Messick's (click on their ad at top of page) can provide both of these parts new: 
SBA398380020 ($725)
SBA326240240 ($682)

Alternatively, go to tractorhouse.com. In their "dismantled machine" section they have 31 ea Ford 1700's listed in salvage. A number of them are 4WD.

Good luck.


----------



## tkrlyon1 (Apr 5, 2016)

Wow, I was told that owning a Compact Utility Tractor was "code" for the cost of parts are going to cost you four times what it should...... I am beginning to believe it. 
I have a friend that has a 1950 model tractor and parts are cheap and plentiful. 
My tractor is a 1980 model and parts are crazy expensive.... If you can even find any, yet I see those compact Ford tractors everywhere. 
Both tractors parts are made in China now days, lol.

I am surprised there aren't more aftermarket parts being made for these tractors.

To buy a new compact tractor costs as much, if not more, than a new vehicle..... And they're not even street legal....

Thanks sixbales for your assistance, no one in the entire US has used pinion shafts.... Several want me to buy the entire used differential to get the shaft I need.
I did find the new joint / coupler for 270.00 on E-bay. 
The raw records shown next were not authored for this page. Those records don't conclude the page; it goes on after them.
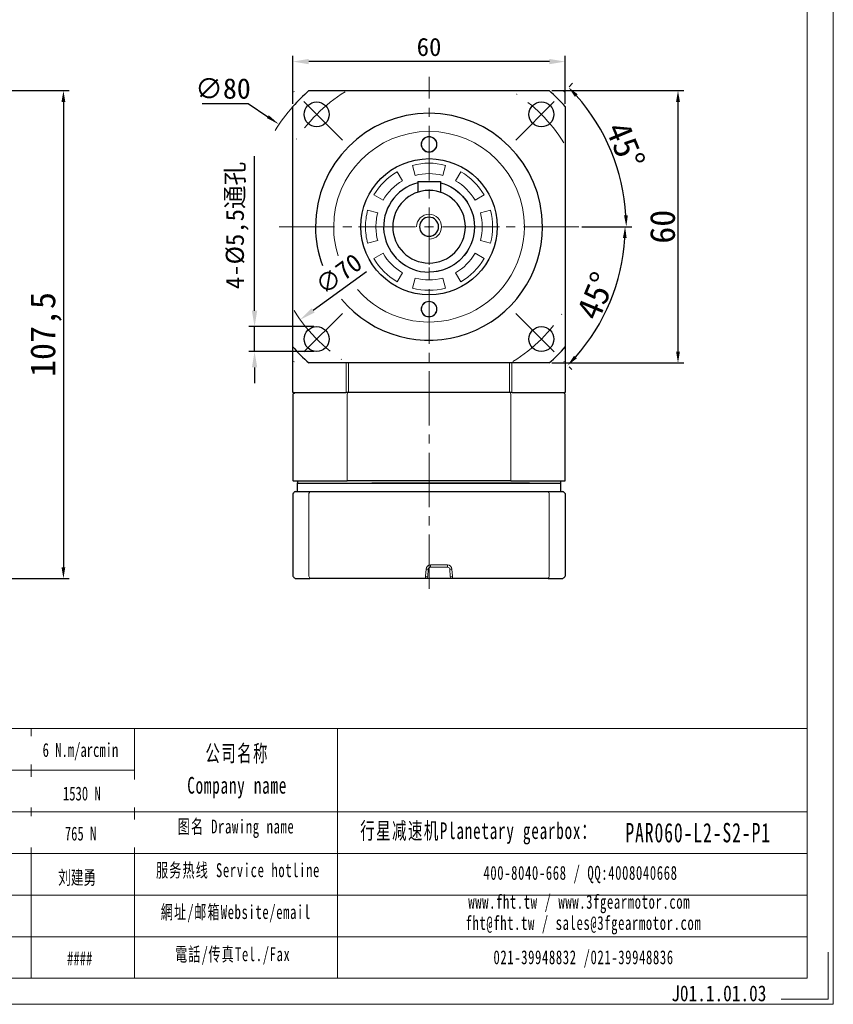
# Model space of a CAD drawing. Header units: millimetres. Extents: x 2035 to 2519, y 1001 to 1341.
# Tile 8 of 9: x 2340 to 2519, y 1001 to 1218. Entities that reach past the tile are written whole.
import ezdxf

# ---------------------------------------------------------------- set-up
doc = ezdxf.new("R2010")
doc.units = ezdxf.units.MM
doc.header["$PDSIZE"] = -5
doc.linetypes.add('ACAD_ISO10W100', pattern=[18, 12, -3, 0, -3])
doc.linetypes.add('点画线', pattern=[18, 12, -2, 2, -2])
doc.layers.get('0').update_dxf_attribs({"lineweight": 18})
doc.layers.get('Defpoints').update_dxf_attribs({"lineweight": 18})
for name, color, linetype, lineweight in [('6文字层', 3, 'Continuous', 35), ('7中心线层', 7, '点画线', 18), ('SLD-0', 7, 'Continuous', 18), ('中心线层', 7, 'ACAD_ISO10W100', 20), ('图框_外框线', 7, 'Continuous', 18), ('尺寸线层', 3, 'Continuous', 18), ('粗实线', 7, 'Continuous', 50), ('细实线', 7, 'Continuous', 18)]:
    doc.layers.add(name, color=color, linetype=linetype, lineweight=lineweight)
doc.styles.add('工程字', font='txt')
doc.styles.add('标准', font='txt', dxfattribs={"width": 0.667})
doc.styles.add('样式 1', font='txt', dxfattribs={"width": 0.8})
doc.dimstyles.new('DIMSTYLE_17', dxfattribs={"dimtxt": 8, "dimasz": 12, "dimexe": 0.18, "dimexo": 0.0625, "dimgap": 0.09, "dimtad": 1, "dimtih": 1, "dimtoh": 1, "dimdec": 3, "dimdsep": 46, "dimtxsty": 'Standard', "dimblk": '_CAXARROW', "dimcen": 0.09, "dimdle": 24, "dimadec": 0, "dimazin": 0, "dimtfac": 0.7, "dimtdec": 3, "dimtofl": 0, "dimtmove": 0, "dimatfit": 3, "dimfxl": 1, "dimtolj": 1, "dimarcsym": 0})
doc.dimstyles.new('ISO-25', dxfattribs={"dimtxt": 5.5, "dimasz": 1, "dimexe": 1.25, "dimexo": 0.625, "dimtad": 1, "dimtxsty": '工程字', "dimcen": 2.5, "dimdle": 2, "dimadec": 0, "dimazin": 0, "dimtfac": 1, "dimtmove": 0, "dimatfit": 3, "dimfxl": 1, "dimarcsym": 0})
doc.dimstyles.new('副本 ISO-25', dxfattribs={"dimtxt": 5.5, "dimasz": 2.5, "dimexe": 1.25, "dimexo": 0.625, "dimtad": 1, "dimtxsty": '工程字', "dimcen": 2.5, "dimdle": 5, "dimadec": 0, "dimazin": 0, "dimtfac": 1, "dimtmove": 0, "dimatfit": 3, "dimfxl": 1, "dimtolj": 1, "dimarcsym": 0})

# ---------------------------------------------------------------- blocks, each defined once
blk = doc.blocks.new('*D89')
at = {"layer": 'Defpoints', "color": 0}
for p in [(2276.94, 1202.07), (2310.44, 1094.57), (2349.51, 1094.57)]:
    blk.add_point(p, dxfattribs=at)
at = {"layer": '尺寸线层', "color": 0, "lineweight": -2}
for p, q in [((2277.57, 1202.07), (2350.76, 1202.07)), ((2349.51, 1199.57), (2349.51, 1097.07)), ((2311.07, 1094.57), (2350.76, 1094.57))]:
    blk.add_line(p, q, dxfattribs=at)
at = {"layer": '尺寸线层', "color": 0}
for points in [[(2349.92, 1199.57), (2349.09, 1199.57), (2349.51, 1202.07)], [(2349.09, 1097.07), (2349.92, 1097.07), (2349.51, 1094.57)]]:
    blk.add_solid(points, dxfattribs=at)
at = {"layer": '尺寸线层', "color": 0, "insert": (2345.67, 1148.32), "char_height": 5.5, "attachment_point": 5, "rotation": 90, "style": '工程字'}
blk.add_mtext('\\A1;107,5', dxfattribs=at)
blk = doc.blocks.new('*D100')
at = {"layer": 'Defpoints', "color": 0}
for p in [(2391.6, 1150.07), (2405.28, 1150.07), (2405.28, 1144.57)]:
    blk.add_point(p, dxfattribs=at)
at = {"layer": '尺寸线层', "color": 0, "lineweight": -2}
for p, q in [((2391.6, 1153.57), (2391.6, 1187.62)), ((2404.66, 1150.07), (2390.35, 1150.07)), ((2391.6, 1144.57), (2391.6, 1150.07)), ((2404.66, 1144.57), (2390.35, 1144.57)), ((2391.6, 1141.07), (2391.6, 1137.57))]:
    blk.add_line(p, q, dxfattribs=at)
at = {"layer": '尺寸线层', "color": 0}
for points in [[(2391.02, 1153.57), (2392.19, 1153.57), (2391.6, 1150.07)], [(2392.19, 1141.07), (2391.02, 1141.07), (2391.6, 1144.57)]]:
    blk.add_solid(points, dxfattribs=at)
at = {"layer": '尺寸线层', "color": 0, "insert": (2387.77, 1172.35), "char_height": 4, "attachment_point": 5, "rotation": 90, "style": '工程字'}
blk.add_mtext('4-%%C5,5通孔', dxfattribs=at)
blk = doc.blocks.new('*D101')
at = {"layer": 'Defpoints', "color": 0}
for p in [(2400.03, 1208.45), (2400.03, 1198.52), (2460.03, 1198.52)]:
    blk.add_point(p, dxfattribs=at)
at = {"layer": '尺寸线层', "color": 0, "lineweight": -2}
for p, q in [((2400.03, 1199.15), (2400.03, 1209.7)), ((2456.53, 1208.45), (2403.53, 1208.45)), ((2460.03, 1199.15), (2460.03, 1209.7))]:
    blk.add_line(p, q, dxfattribs=at)
at = {"layer": '尺寸线层', "color": 0}
for points in [[(2403.53, 1209.03), (2403.53, 1207.87), (2400.03, 1208.45)], [(2456.53, 1207.87), (2456.53, 1209.03), (2460.03, 1208.45)]]:
    blk.add_solid(points, dxfattribs=at)
at = {"layer": '尺寸线层', "color": 0, "insert": (2430.03, 1211.65), "char_height": 4, "attachment_point": 5, "style": '工程字'}
blk.add_mtext('60', dxfattribs=at)
blk = doc.blocks.new('_CAXARROW')
blk.add_hatch(color=0).paths.add_polyline_path([(0, 0), (-1, 0.125), (-1, -0.125)], flags=0)
blk = doc.blocks.new('*D102')
at = {"layer": 'Defpoints', "color": 0}
for p in [(2397, 1194.62), (2463.06, 1149.51)]:
    blk.add_point(p, dxfattribs=at)
at = {"layer": '尺寸线层', "color": 0, "linetype": 'Continuous', "lineweight": -2}
for p, q in [((2380.08, 1199.24), (2390.23, 1199.24)), ((2390.23, 1199.24), (2394.52, 1196.31)), ((2429.94, 1172.07), (2430.12, 1172.07)), ((2430.03, 1171.98), (2430.03, 1172.16))]:
    blk.add_line(p, q, dxfattribs=at)
at = {"layer": '尺寸线层', "color": 0, "lineweight": -2, "xscale": 3, "yscale": 3, "zscale": 3, "rotation": 325.6748715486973}
blk.add_blockref('_CAXARROW', (2397, 1194.62), dxfattribs=at)
at = {"layer": '尺寸线层', "color": 0, "insert": (2384.64, 1202.49), "char_height": 4.5, "attachment_point": 5, "style": '工程字'}
blk.add_mtext('\\A1;∅80', dxfattribs=at)
blk = doc.blocks.new('_FILLED')
at = {"linetype": 'ByBlock'}
blk.add_hatch(color=0, dxfattribs=at).paths.add_polyline_path([(0, 0), (-1, 0.133), (-1, -0.133)], flags=0)
blk = doc.blocks.new('*D103')
at = {"layer": 'Defpoints', "color": 0}
for p in [(2458.41, 1192.55), (2401.65, 1151.58)]:
    blk.add_point(p, dxfattribs=at)
at = {"layer": '尺寸线层', "color": 0, "lineweight": -2}
blk.add_line((2416.28, 1162.14), (2404.49, 1153.63), dxfattribs=at)
at = {"layer": '尺寸线层', "color": 0}
blk.add_solid([(2404.15, 1154.11), (2404.83, 1153.16), (2401.65, 1151.58)], dxfattribs=at)
at = {"layer": '尺寸线层', "color": 0, "insert": (2410.14, 1161.66), "char_height": 4, "attachment_point": 5, "rotation": 35.8171, "style": '工程字'}
blk.add_mtext('∅70', dxfattribs=at)
blk = doc.blocks.new('*D104')
at = {"layer": 'Defpoints', "color": 0}
for p in [(2456.49, 1202.07), (2456.49, 1142.07), (2484.86, 1142.07)]:
    blk.add_point(p, dxfattribs=at)
at = {"layer": '尺寸线层', "color": 0, "lineweight": -2}
for p, q in [((2457.11, 1202.07), (2486.11, 1202.07)), ((2484.86, 1199.57), (2484.86, 1144.57)), ((2457.11, 1142.07), (2486.11, 1142.07))]:
    blk.add_line(p, q, dxfattribs=at)
at = {"layer": '尺寸线层', "color": 0}
for points in [[(2485.28, 1199.57), (2484.44, 1199.57), (2484.86, 1202.07)], [(2484.44, 1144.57), (2485.28, 1144.57), (2484.86, 1142.07)]]:
    blk.add_solid(points, dxfattribs=at)
at = {"layer": '尺寸线层', "color": 0, "insert": (2481.48, 1172.07), "char_height": 5.5, "attachment_point": 5, "rotation": 90, "style": '工程字'}
blk.add_mtext('\\A1;60', dxfattribs=at)
blk = doc.blocks.new('*D105')
at = {"layer": 'Defpoints', "color": 0}
for p in [(2460.44, 1202.47), (2449.12, 1191.16), (2471.99, 1183.31), (2397.03, 1172.07), (2463.03, 1172.07)]:
    blk.add_point(p, dxfattribs=at)
at = {"layer": '尺寸线层', "color": 0, "lineweight": -2}
for p, q in [((2460.88, 1202.91), (2461.63, 1203.67)), ((2463.65, 1172.07), (2474.72, 1172.07))]:
    blk.add_line(p, q, dxfattribs=at)
blk.add_arc((2430.03, 1172.07), 43.44, 3.2979, 41.7021, dxfattribs=at)
at = {"layer": '尺寸线层', "color": 0}
for points in [[(2462.77, 1201.25), (2462.16, 1200.68), (2460.75, 1202.78)], [(2472.98, 1174.55), (2473.81, 1174.58), (2473.47, 1172.07)]]:
    blk.add_solid(points, dxfattribs=at)
at = {"layer": '尺寸线层', "color": 0, "insert": (2473.28, 1189.98), "char_height": 5.5, "attachment_point": 5, "rotation": 292.5, "style": '工程字'}
blk.add_mtext('\\A1;45%%d', dxfattribs=at)
blk = doc.blocks.new('*D106')
at = {"layer": 'Defpoints', "color": 0}
for p in [(2397.03, 1172.07), (2463.03, 1172.07), (2449.12, 1152.97), (2467.42, 1150.48), (2460.44, 1141.66)]:
    blk.add_point(p, dxfattribs=at)
at = {"layer": '尺寸线层', "color": 0, "lineweight": -2}
for p, q in [((2463.65, 1172.07), (2474.46, 1172.07)), ((2460.88, 1141.22), (2461.45, 1140.65))]:
    blk.add_line(p, q, dxfattribs=at)
blk.add_arc((2430.03, 1172.07), 43.18, 318.3179, 356.6821, dxfattribs=at)
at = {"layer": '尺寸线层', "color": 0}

Times are changing I guess. 

Seems like tractors are a rich man's toy now days.....

Rant / Vent over


----------



## bmx_lar (May 25, 2015)

I'm on the hunt for that pinion for my 1500 as well. I'm debating taking the good one to a machine shop and just having them make one. I did find a used one at West kentucky tractor, but they wanted $1200 for the whole hub assembly.


----------



## tkrlyon1 (Apr 5, 2016)

Go to google and check for tractor salvage yards nationally. I finally found one.
I paid 700.00. 

I did check I having a pinion shaft made at a machine shop, it was
Going to cost 1100.00 dollars.

Also watch eBay.


----------